TASK PROMPT:
Set down, word for word, each line from the top of the data through the line that has "[diagram p0: board, top side]"; omit every picture.
** RECORDS SHOWN follows **
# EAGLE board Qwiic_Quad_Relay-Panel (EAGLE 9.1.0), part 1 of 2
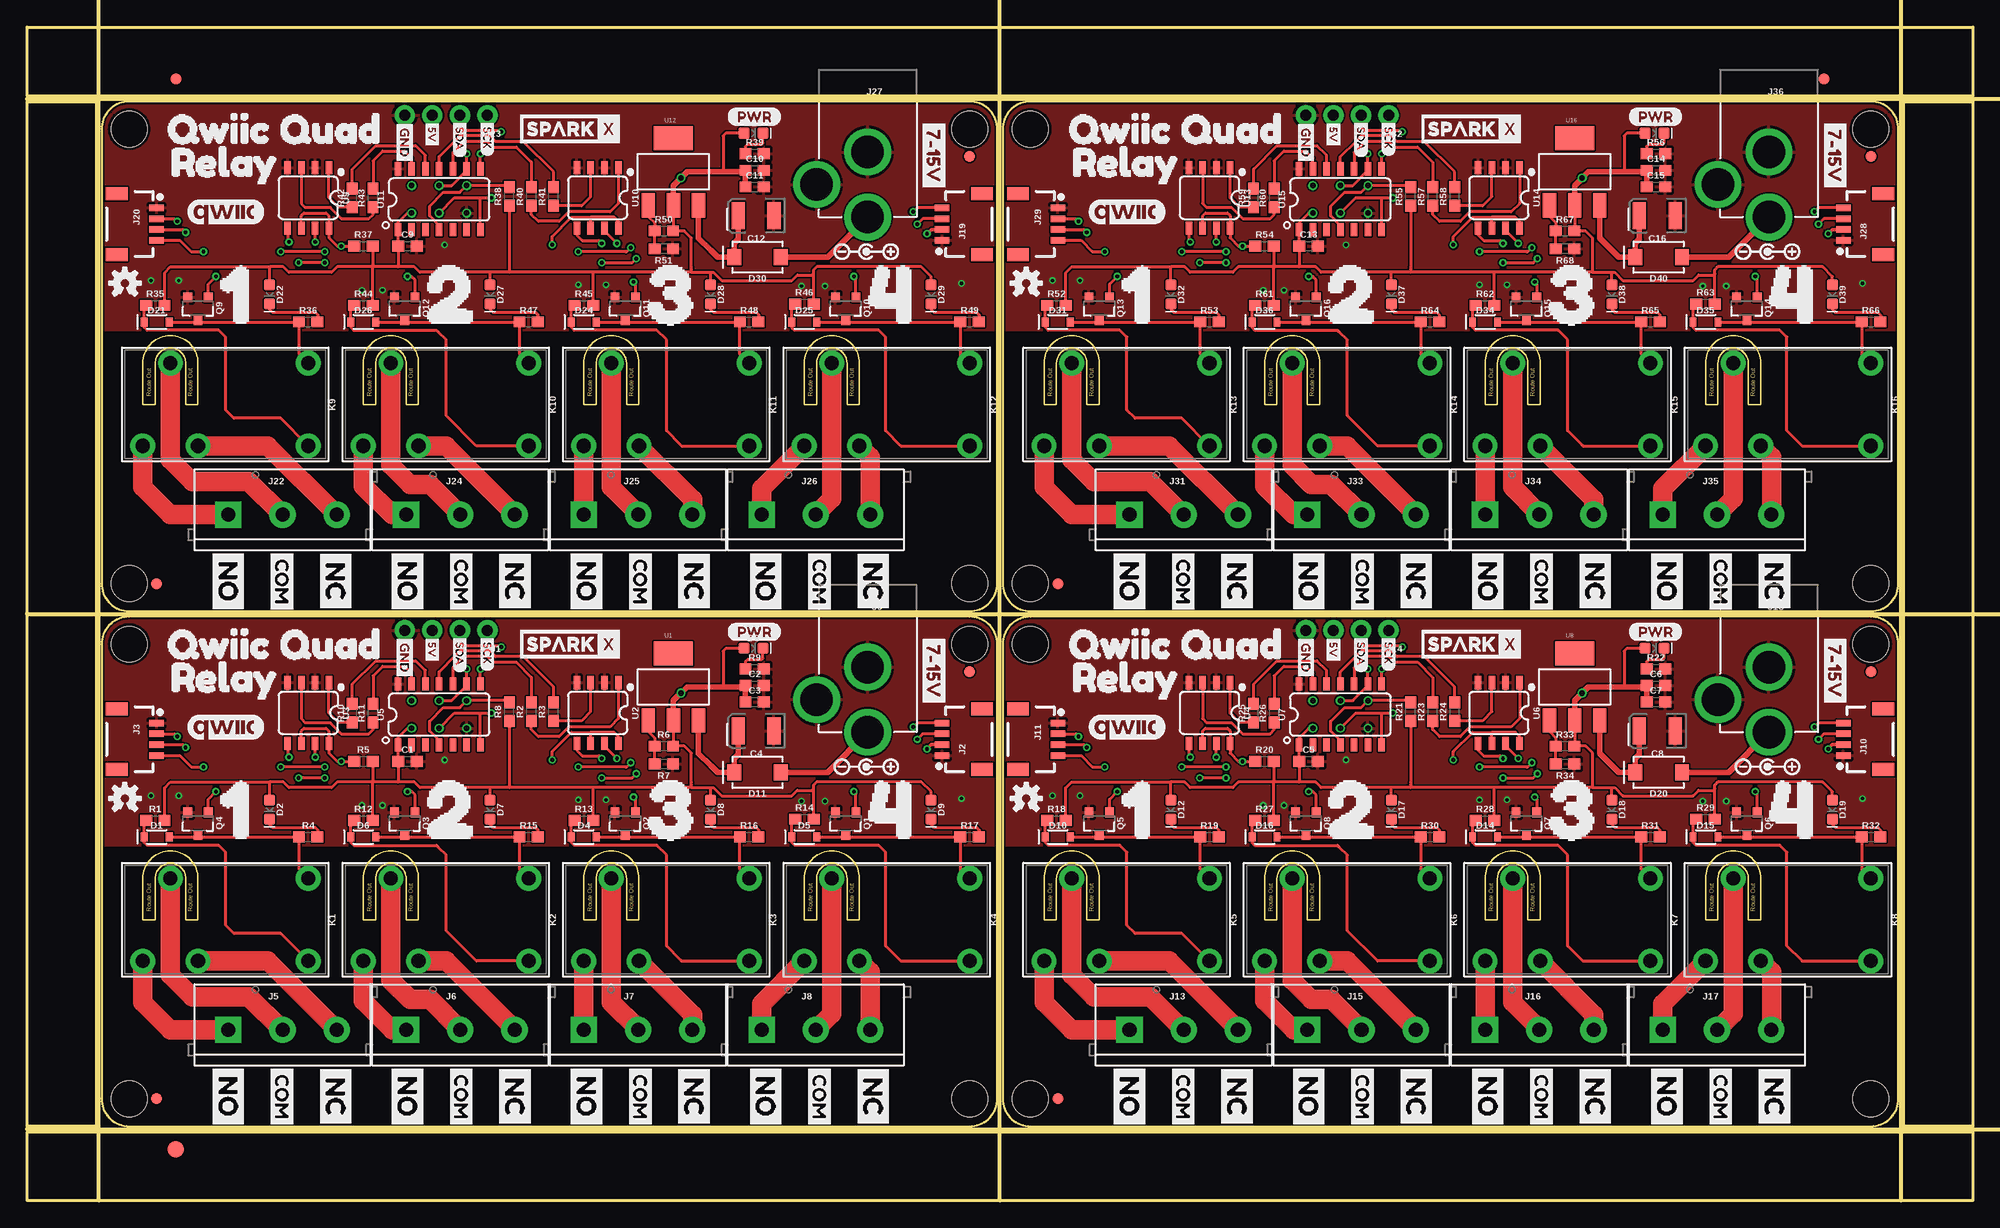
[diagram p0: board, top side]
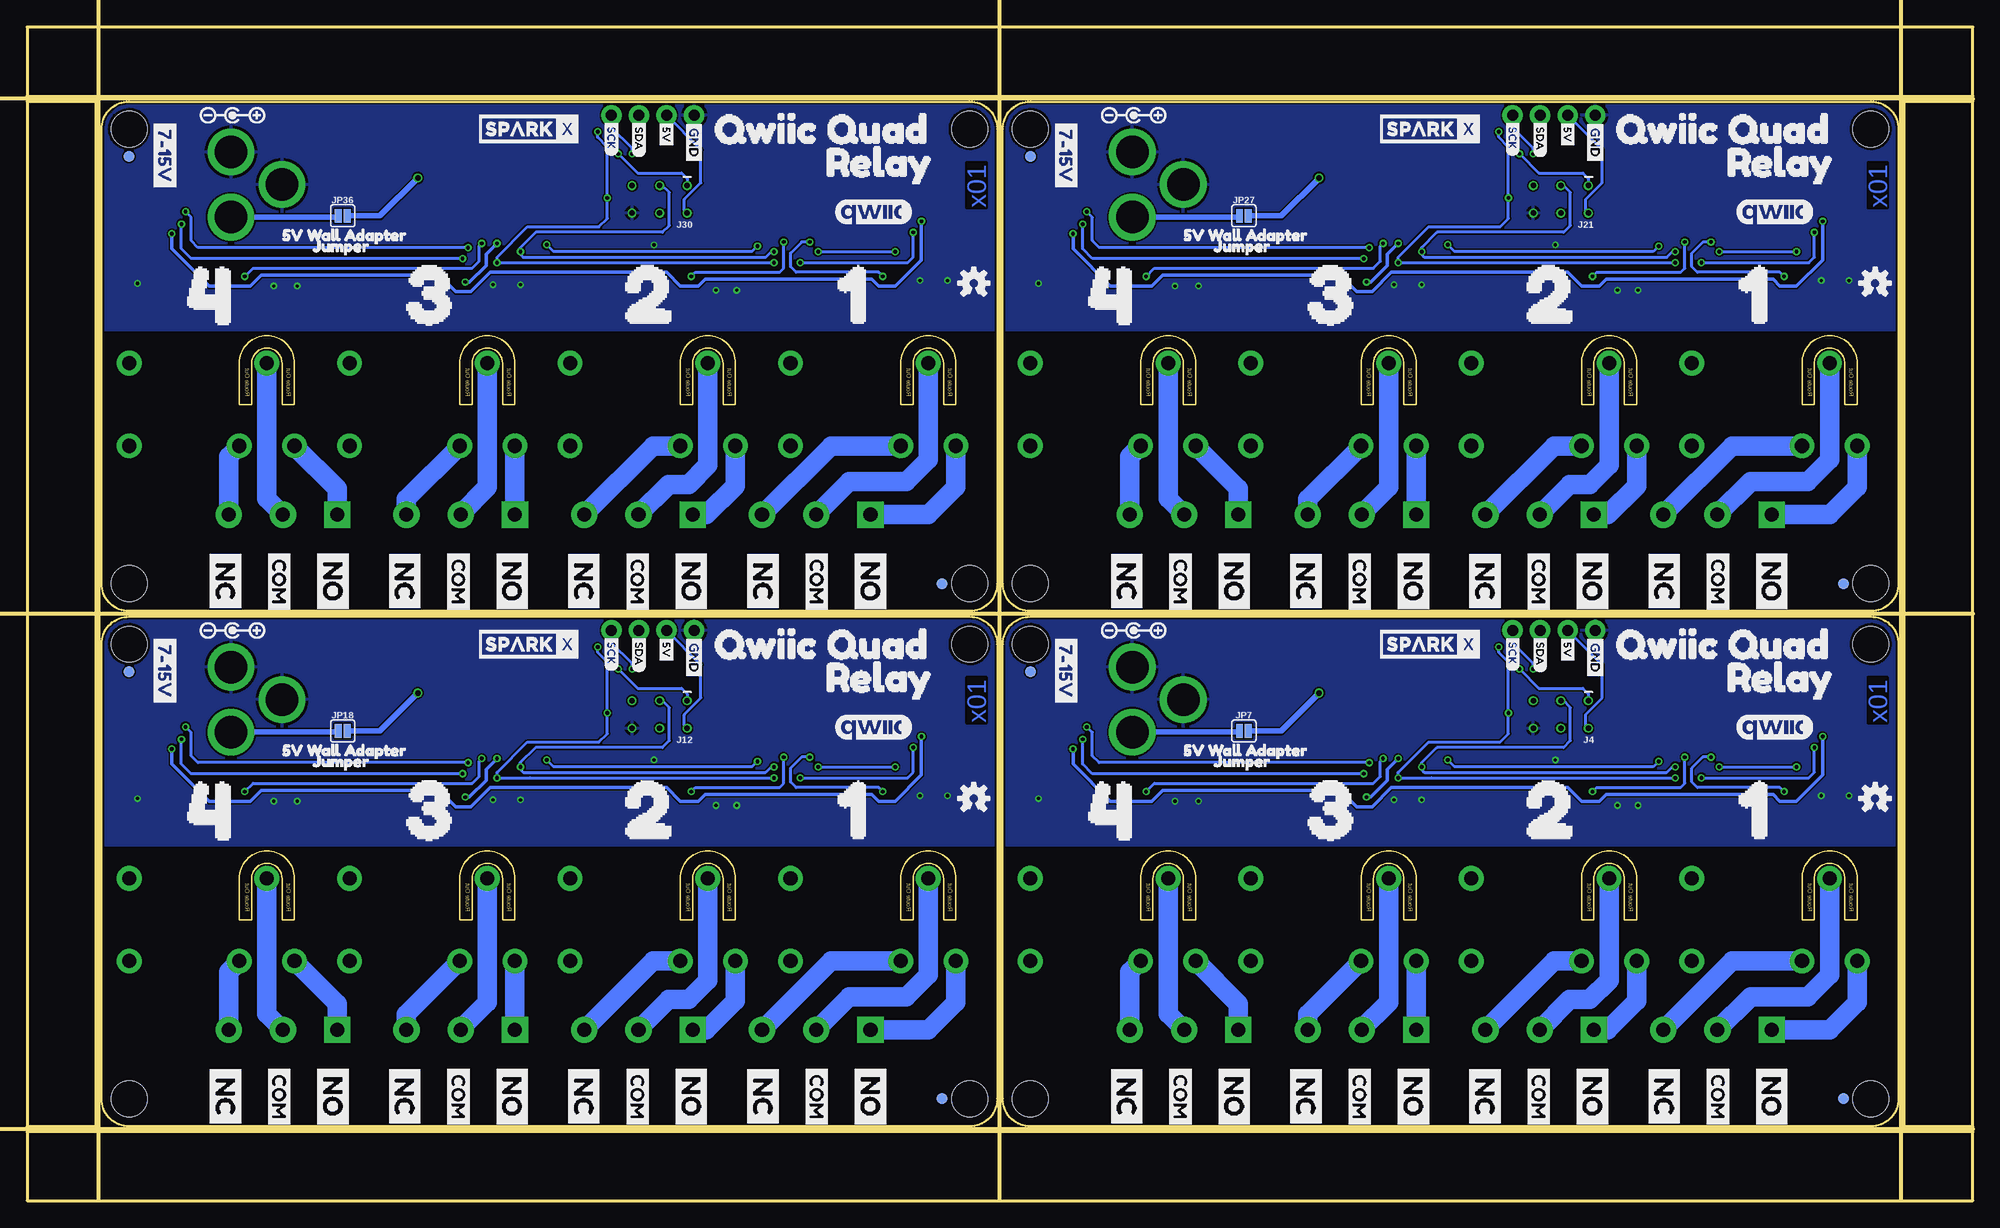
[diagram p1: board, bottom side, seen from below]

Size 179.32 x 108.2 mm. Coordinates in mm from the lower left corner, seen from the top.
Outline: 86.87,53.85 9.4,53.85 arc90 6.86,51.31 6.86,9.4 arc90 9.4,6.86 86.87,6.86 arc90 89.41,9.4 89.41,51.31 arc90 86.87,53.85
Outline: 169.93,53.85 92.46,53.85 arc90 89.92,51.31 89.92,9.4 arc90 92.46,6.86 169.93,6.86 arc90 172.47,9.4 172.47,51.31 arc90 169.93,53.85
Outline: 86.87,101.35 9.4,101.35 arc90 6.86,98.81 6.86,56.9 arc90 9.4,54.36 86.87,54.36 arc90 89.41,56.9 89.41,98.81 arc90 86.87,101.35
Outline: 169.93,101.35 92.46,101.35 arc90 89.92,98.81 89.92,56.9 arc90 92.46,54.36 169.93,54.36 arc90 172.47,56.9 172.47,98.81 arc90 169.93,101.35
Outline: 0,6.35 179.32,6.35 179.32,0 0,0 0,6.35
** End of RECORDS SHOWN **
ANSWER BOX:
# EAGLE board Qwiic_Quad_Relay-Panel (EAGLE 9.1.0), part 1 of 2
[diagram p0: board, top side]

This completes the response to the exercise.